[WORK TASK]:
Write the records out once more, so that nothing differs from the original.

Items from a dataset
# # #

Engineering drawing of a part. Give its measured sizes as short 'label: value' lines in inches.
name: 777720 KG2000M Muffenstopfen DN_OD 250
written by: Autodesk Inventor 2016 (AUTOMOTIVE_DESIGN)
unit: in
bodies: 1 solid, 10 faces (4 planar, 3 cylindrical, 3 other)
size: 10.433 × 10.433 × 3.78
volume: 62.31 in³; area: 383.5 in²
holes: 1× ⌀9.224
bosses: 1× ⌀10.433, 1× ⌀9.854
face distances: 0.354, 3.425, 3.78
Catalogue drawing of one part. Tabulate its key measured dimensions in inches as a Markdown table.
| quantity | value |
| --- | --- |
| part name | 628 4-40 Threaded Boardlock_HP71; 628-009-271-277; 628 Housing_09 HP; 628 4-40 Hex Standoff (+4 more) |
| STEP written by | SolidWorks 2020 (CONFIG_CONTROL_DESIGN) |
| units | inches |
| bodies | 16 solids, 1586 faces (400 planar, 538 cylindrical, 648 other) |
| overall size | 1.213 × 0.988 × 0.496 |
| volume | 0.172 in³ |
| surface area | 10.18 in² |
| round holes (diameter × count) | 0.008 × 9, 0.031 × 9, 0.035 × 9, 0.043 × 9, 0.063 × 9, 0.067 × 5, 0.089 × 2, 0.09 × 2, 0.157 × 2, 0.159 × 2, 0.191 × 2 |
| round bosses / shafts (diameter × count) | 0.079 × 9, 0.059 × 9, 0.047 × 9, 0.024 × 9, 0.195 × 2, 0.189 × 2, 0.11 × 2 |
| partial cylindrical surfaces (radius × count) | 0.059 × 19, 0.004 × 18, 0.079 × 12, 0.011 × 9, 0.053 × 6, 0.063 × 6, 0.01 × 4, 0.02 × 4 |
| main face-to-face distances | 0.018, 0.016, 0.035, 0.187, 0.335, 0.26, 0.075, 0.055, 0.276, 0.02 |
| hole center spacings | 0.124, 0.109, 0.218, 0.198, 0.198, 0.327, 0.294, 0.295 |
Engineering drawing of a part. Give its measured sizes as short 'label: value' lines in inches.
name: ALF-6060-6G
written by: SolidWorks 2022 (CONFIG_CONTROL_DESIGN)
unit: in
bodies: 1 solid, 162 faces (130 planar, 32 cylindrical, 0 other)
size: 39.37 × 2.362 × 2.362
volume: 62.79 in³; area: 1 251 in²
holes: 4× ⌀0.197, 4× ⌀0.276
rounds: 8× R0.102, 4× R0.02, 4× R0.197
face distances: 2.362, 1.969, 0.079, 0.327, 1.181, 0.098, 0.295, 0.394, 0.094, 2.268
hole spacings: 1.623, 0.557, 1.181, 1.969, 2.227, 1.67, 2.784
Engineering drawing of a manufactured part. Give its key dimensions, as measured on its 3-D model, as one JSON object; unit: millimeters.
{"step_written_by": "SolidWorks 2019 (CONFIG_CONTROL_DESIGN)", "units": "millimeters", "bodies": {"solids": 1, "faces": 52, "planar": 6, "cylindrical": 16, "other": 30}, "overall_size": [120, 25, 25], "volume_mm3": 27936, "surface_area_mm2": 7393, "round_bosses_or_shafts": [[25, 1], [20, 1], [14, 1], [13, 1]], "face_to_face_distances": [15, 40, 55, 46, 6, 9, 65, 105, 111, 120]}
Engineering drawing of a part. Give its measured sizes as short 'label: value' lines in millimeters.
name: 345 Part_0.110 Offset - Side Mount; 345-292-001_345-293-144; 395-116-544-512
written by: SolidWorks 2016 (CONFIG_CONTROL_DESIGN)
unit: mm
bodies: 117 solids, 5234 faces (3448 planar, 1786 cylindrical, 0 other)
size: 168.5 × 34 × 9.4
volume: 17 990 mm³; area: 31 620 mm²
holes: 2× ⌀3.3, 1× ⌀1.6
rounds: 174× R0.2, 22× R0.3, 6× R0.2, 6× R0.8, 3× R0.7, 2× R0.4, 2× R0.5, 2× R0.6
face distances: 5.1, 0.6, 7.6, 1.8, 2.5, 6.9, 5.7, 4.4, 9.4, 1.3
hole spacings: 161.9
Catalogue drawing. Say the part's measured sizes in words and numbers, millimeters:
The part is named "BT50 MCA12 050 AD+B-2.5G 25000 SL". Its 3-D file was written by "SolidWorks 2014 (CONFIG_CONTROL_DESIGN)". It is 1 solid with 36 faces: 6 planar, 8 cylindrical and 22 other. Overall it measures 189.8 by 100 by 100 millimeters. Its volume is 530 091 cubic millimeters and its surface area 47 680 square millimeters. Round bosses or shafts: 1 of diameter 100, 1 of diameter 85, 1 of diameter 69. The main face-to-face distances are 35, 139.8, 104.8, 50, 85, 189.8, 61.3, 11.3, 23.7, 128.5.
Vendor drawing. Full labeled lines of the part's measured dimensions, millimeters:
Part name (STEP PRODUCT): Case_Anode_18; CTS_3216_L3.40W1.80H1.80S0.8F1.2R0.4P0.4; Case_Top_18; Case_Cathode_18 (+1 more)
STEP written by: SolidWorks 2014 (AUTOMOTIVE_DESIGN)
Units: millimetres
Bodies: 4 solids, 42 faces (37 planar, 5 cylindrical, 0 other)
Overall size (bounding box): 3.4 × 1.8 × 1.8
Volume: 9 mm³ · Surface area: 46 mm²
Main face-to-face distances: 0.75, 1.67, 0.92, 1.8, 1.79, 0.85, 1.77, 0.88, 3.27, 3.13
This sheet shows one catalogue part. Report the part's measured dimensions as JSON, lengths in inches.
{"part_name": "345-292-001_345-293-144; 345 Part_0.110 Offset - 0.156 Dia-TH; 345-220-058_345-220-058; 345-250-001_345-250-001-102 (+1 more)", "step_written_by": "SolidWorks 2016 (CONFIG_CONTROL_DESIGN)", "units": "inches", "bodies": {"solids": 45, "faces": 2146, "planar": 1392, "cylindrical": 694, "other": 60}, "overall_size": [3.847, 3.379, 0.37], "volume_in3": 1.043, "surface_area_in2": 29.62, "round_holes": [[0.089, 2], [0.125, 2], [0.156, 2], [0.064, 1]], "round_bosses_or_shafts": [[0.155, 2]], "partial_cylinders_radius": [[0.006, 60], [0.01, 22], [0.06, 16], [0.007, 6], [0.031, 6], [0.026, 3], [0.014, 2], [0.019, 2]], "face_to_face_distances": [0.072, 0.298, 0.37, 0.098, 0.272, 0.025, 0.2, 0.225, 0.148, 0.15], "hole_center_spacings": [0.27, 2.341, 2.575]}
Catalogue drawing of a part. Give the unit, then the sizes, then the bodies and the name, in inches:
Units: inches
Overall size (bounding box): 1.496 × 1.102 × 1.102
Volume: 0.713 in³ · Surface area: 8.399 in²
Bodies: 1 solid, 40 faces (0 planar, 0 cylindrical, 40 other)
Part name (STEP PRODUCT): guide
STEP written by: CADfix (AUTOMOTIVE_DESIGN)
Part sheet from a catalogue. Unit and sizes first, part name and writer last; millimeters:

# # #

[OUTPUT FOR THIS TASK]:
Engineering drawing of a part. Give its measured sizes as short 'label: value' lines in inches.
name: 777720 KG2000M Muffenstopfen DN_OD 250
written by: Autodesk Inventor 2016 (AUTOMOTIVE_DESIGN)
unit: in
bodies: 1 solid, 10 faces (4 planar, 3 cylindrical, 3 other)
size: 10.433 × 10.433 × 3.78
volume: 62.31 in³; area: 383.5 in²
holes: 1× ⌀9.224
bosses: 1× ⌀10.433, 1× ⌀9.854
face distances: 0.354, 3.425, 3.78
Catalogue drawing of one part. Tabulate its key measured dimensions in inches as a Markdown table.
| quantity | value |
| --- | --- |
| part name | 628 4-40 Threaded Boardlock_HP71; 628-009-271-277; 628 Housing_09 HP; 628 4-40 Hex Standoff (+4 more) |
| STEP written by | SolidWorks 2020 (CONFIG_CONTROL_DESIGN) |
| units | inches |
| bodies | 16 solids, 1586 faces (400 planar, 538 cylindrical, 648 other) |
| overall size | 1.213 × 0.988 × 0.496 |
| volume | 0.172 in³ |
| surface area | 10.18 in² |
| round holes (diameter × count) | 0.008 × 9, 0.031 × 9, 0.035 × 9, 0.043 × 9, 0.063 × 9, 0.067 × 5, 0.089 × 2, 0.09 × 2, 0.157 × 2, 0.159 × 2, 0.191 × 2 |
| round bosses / shafts (diameter × count) | 0.079 × 9, 0.059 × 9, 0.047 × 9, 0.024 × 9, 0.195 × 2, 0.189 × 2, 0.11 × 2 |
| partial cylindrical surfaces (radius × count) | 0.059 × 19, 0.004 × 18, 0.079 × 12, 0.011 × 9, 0.053 × 6, 0.063 × 6, 0.01 × 4, 0.02 × 4 |
| main face-to-face distances | 0.018, 0.016, 0.035, 0.187, 0.335, 0.26, 0.075, 0.055, 0.276, 0.02 |
| hole center spacings | 0.124, 0.109, 0.218, 0.198, 0.198, 0.327, 0.294, 0.295 |
Engineering drawing of a part. Give its measured sizes as short 'label: value' lines in inches.
name: ALF-6060-6G
written by: SolidWorks 2022 (CONFIG_CONTROL_DESIGN)
unit: in
bodies: 1 solid, 162 faces (130 planar, 32 cylindrical, 0 other)
size: 39.37 × 2.362 × 2.362
volume: 62.79 in³; area: 1 251 in²
holes: 4× ⌀0.197, 4× ⌀0.276
rounds: 8× R0.102, 4× R0.02, 4× R0.197
face distances: 2.362, 1.969, 0.079, 0.327, 1.181, 0.098, 0.295, 0.394, 0.094, 2.268
hole spacings: 1.623, 0.557, 1.181, 1.969, 2.227, 1.67, 2.784
Engineering drawing of a manufactured part. Give its key dimensions, as measured on its 3-D model, as one JSON object; unit: millimeters.
{"step_written_by": "SolidWorks 2019 (CONFIG_CONTROL_DESIGN)", "units": "millimeters", "bodies": {"solids": 1, "faces": 52, "planar": 6, "cylindrical": 16, "other": 30}, "overall_size": [120, 25, 25], "volume_mm3": 27936, "surface_area_mm2": 7393, "round_bosses_or_shafts": [[25, 1], [20, 1], [14, 1], [13, 1]], "face_to_face_distances": [15, 40, 55, 46, 6, 9, 65, 105, 111, 120]}
Engineering drawing of a part. Give its measured sizes as short 'label: value' lines in millimeters.
name: 345 Part_0.110 Offset - Side Mount; 345-292-001_345-293-144; 395-116-544-512
written by: SolidWorks 2016 (CONFIG_CONTROL_DESIGN)
unit: mm
bodies: 117 solids, 5234 faces (3448 planar, 1786 cylindrical, 0 other)
size: 168.5 × 34 × 9.4
volume: 17 990 mm³; area: 31 620 mm²
holes: 2× ⌀3.3, 1× ⌀1.6
rounds: 174× R0.2, 22× R0.3, 6× R0.2, 6× R0.8, 3× R0.7, 2× R0.4, 2× R0.5, 2× R0.6
face distances: 5.1, 0.6, 7.6, 1.8, 2.5, 6.9, 5.7, 4.4, 9.4, 1.3
hole spacings: 161.9
Catalogue drawing. Say the part's measured sizes in words and numbers, millimeters:
The part is named "BT50 MCA12 050 AD+B-2.5G 25000 SL". Its 3-D file was written by "SolidWorks 2014 (CONFIG_CONTROL_DESIGN)". It is 1 solid with 36 faces: 6 planar, 8 cylindrical and 22 other. Overall it measures 189.8 by 100 by 100 millimeters. Its volume is 530 091 cubic millimeters and its surface area 47 680 square millimeters. Round bosses or shafts: 1 of diameter 100, 1 of diameter 85, 1 of diameter 69. The main face-to-face distances are 35, 139.8, 104.8, 50, 85, 189.8, 61.3, 11.3, 23.7, 128.5.
Vendor drawing. Full labeled lines of the part's measured dimensions, millimeters:
Part name (STEP PRODUCT): Case_Anode_18; CTS_3216_L3.40W1.80H1.80S0.8F1.2R0.4P0.4; Case_Top_18; Case_Cathode_18 (+1 more)
STEP written by: SolidWorks 2014 (AUTOMOTIVE_DESIGN)
Units: millimetres
Bodies: 4 solids, 42 faces (37 planar, 5 cylindrical, 0 other)
Overall size (bounding box): 3.4 × 1.8 × 1.8
Volume: 9 mm³ · Surface area: 46 mm²
Main face-to-face distances: 0.75, 1.67, 0.92, 1.8, 1.79, 0.85, 1.77, 0.88, 3.27, 3.13
This sheet shows one catalogue part. Report the part's measured dimensions as JSON, lengths in inches.
{"part_name": "345-292-001_345-293-144; 345 Part_0.110 Offset - 0.156 Dia-TH; 345-220-058_345-220-058; 345-250-001_345-250-001-102 (+1 more)", "step_written_by": "SolidWorks 2016 (CONFIG_CONTROL_DESIGN)", "units": "inches", "bodies": {"solids": 45, "faces": 2146, "planar": 1392, "cylindrical": 694, "other": 60}, "overall_size": [3.847, 3.379, 0.37], "volume_in3": 1.043, "surface_area_in2": 29.62, "round_holes": [[0.089, 2], [0.125, 2], [0.156, 2], [0.064, 1]], "round_bosses_or_shafts": [[0.155, 2]], "partial_cylinders_radius": [[0.006, 60], [0.01, 22], [0.06, 16], [0.007, 6], [0.031, 6], [0.026, 3], [0.014, 2], [0.019, 2]], "face_to_face_distances": [0.072, 0.298, 0.37, 0.098, 0.272, 0.025, 0.2, 0.225, 0.148, 0.15], "hole_center_spacings": [0.27, 2.341, 2.575]}
Catalogue drawing of a part. Give the unit, then the sizes, then the bodies and the name, in inches:
Units: inches
Overall size (bounding box): 1.496 × 1.102 × 1.102
Volume: 0.713 in³ · Surface area: 8.399 in²
Bodies: 1 solid, 40 faces (0 planar, 0 cylindrical, 40 other)
Part name (STEP PRODUCT): guide
STEP written by: CADfix (AUTOMOTIVE_DESIGN)
Part sheet from a catalogue. Unit and sizes first, part name and writer last; millimeters:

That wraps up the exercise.